I was having my husband read this thread last night. It was so funny watching his face as he was reading. It was like   After reading it, he still was just standing there. Finally he piped up and asks, "I wonder if he kept the rope". Gosh, such a typical guy thing to say.


----------



## monomer

lola'smommy said:


> ..."I wonder if he kept the rope". Gosh, such a typical guy thing to say.


Cheez, I don't quite know how to take that remark... I am, after all, a 'member of the club' so to speak.

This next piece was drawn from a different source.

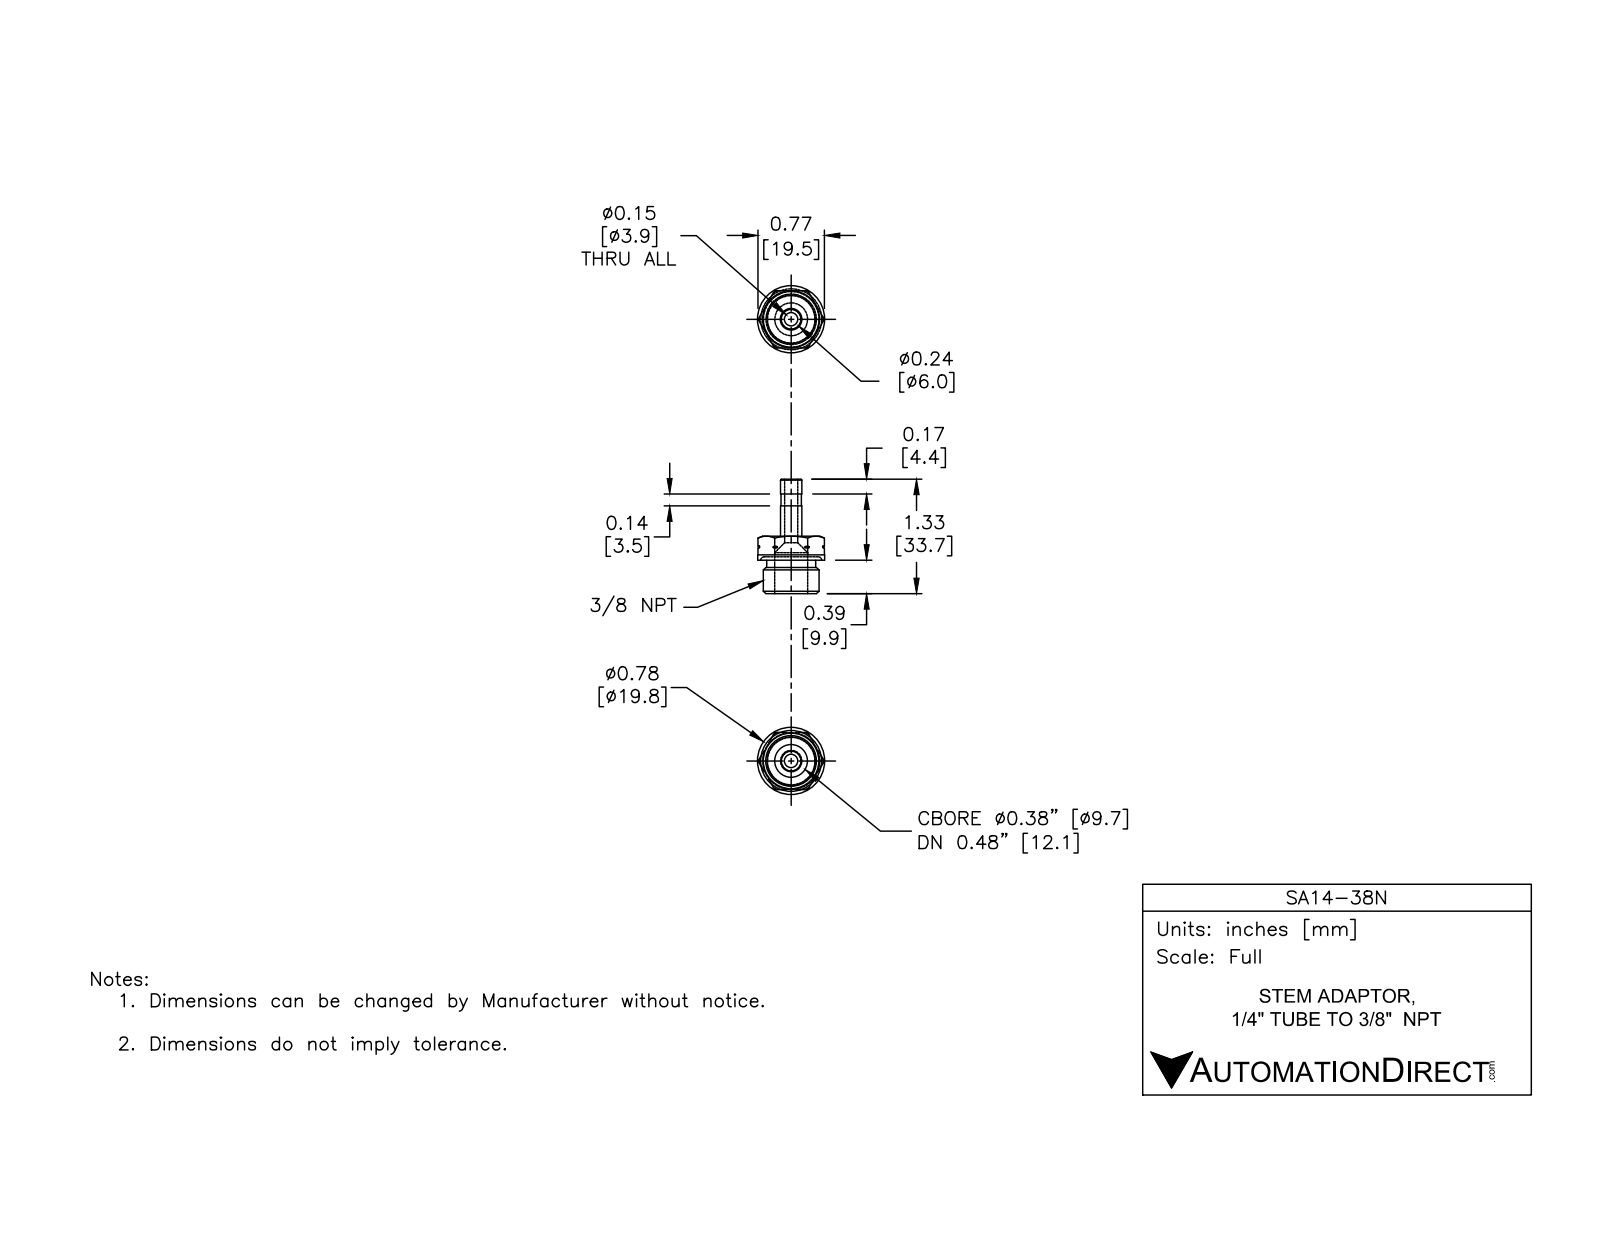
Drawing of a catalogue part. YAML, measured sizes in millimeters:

However I will tell you, I wish I had kept it... or at least gotten a picture of it. But I did leave it in front of one of the 'doggie poop bins' for awhile... I guess I wanted others to marvel at the great 'achievement'. I now wonder if Sidney could have made it into the Guinness Book of World Records??? Sigh...


----------



## lola'smommy

:lol: Am I the only one that thinks this is soo funny!? Yea, you should of taken a picture and then submitted it to Guinness. You never know. Your dog could be famous for his rope trick!


----------



## 3 goldens

That is so funny---but I am glad it happened to you and not me. I have seen our dogs get "dingle berries" because of hair, grass, and a few times because of embroidry thread. They walk around all humped over trying to get rid of it. gotta feel sorry for them. They have always managed to get rid of the dingle berry, thank goodness.


----------



## lola'smommy

Yes, I'm familiar with picking up multi-colored fuzzy poo!! I don't freak out anymore. I just shake my head and scoop wondering what the next pile will look like.


----------



## ty823

This reminds me of a George Carlin bit... He said that he used to feed his dog rubber bands so that all of the +urds had a little rubber loop sticking out of them and it made for easy clean-up. 
Also how his dog would eat tinsel off the Christmas tree and leave homemade ornaments laying out in the yard


----------



## monomer

ty823 said:


> This reminds me of a George Carlin bit... He said that he used to feed his dog rubber bands so that all of the +urds had a little rubber loop sticking out of them and it made for easy clean-up.
> Also how his dog would eat tinsel off the Christmas tree and leave homemade ornaments laying out in the yard


WOW! Brilliant ideas!!!! That George Carlin guy's a genius!!!!!!!!!
I could use the rubber bands to 'sling shot' the poop right out of the yard. Anyone know where I can buy a 50-lbs bag of rubber bands from?


----------



## shaneamber

Just feed him those little "super balls", you know those balls that bounce like crazy. Then all you would need is a golf club and yell POOP as you swing. 
Ahhhh...that's a sh-tty idea. 
Shane


----------



## Miss Daisy's Mom

:lol: :lol: You guys are SO cracking me up!!! I have to be careful because everyone else is asleep and I'm sitting here laughing at my monitor like a crazy person! :bowrofl:


----------



## lola'smommy

That is too funny!! The last idea sounds like something that came from my hubby, too. In fact that is how he "plays" or "interacts" with the dogs. He goes outside and hits the tennis ball up against the back fence with his golf club and the dogs run and get it, brings the ball to him and so on and so on. He doesn't have to move. He can practice his golf swing. He can still have his cigarette. And, mean while he his bonding with his dogs. Can't you just feel the love? (sarcasm). Honestly, I don't get it. I would rather be wrestling and playing with Lola.


----------



## LauraEyes2

LOL, good story Monomer. Where's your camera cell phone when you need it?


----------



## ty823

shaneamber said:


> Just feed him those little "super balls", you know those balls that bounce like crazy. Then all you would need is a golf club and yell POOP as you swing.
> Ahhhh...that's a sh-tty idea.
> Shane



:lol: good one!


----------



## LuvOllie

(laughing) Thanks for the images!! I can see it now!!


----------



## greg bell

man..this is a "Hall of Fame" thread..


----------



## krbshappy71

shaneamber said:


> Just feed him those little "super balls", you know those balls that bounce like crazy. Then all you would need is a golf club and yell POOP as you swing.
> Ahhhh...that's a sh-tty idea.
> Shane


:bowrofl: You guys are killing me. Between picturing the Golden dressed as a Magician and Shane playing golf.....this forum is grrrreat.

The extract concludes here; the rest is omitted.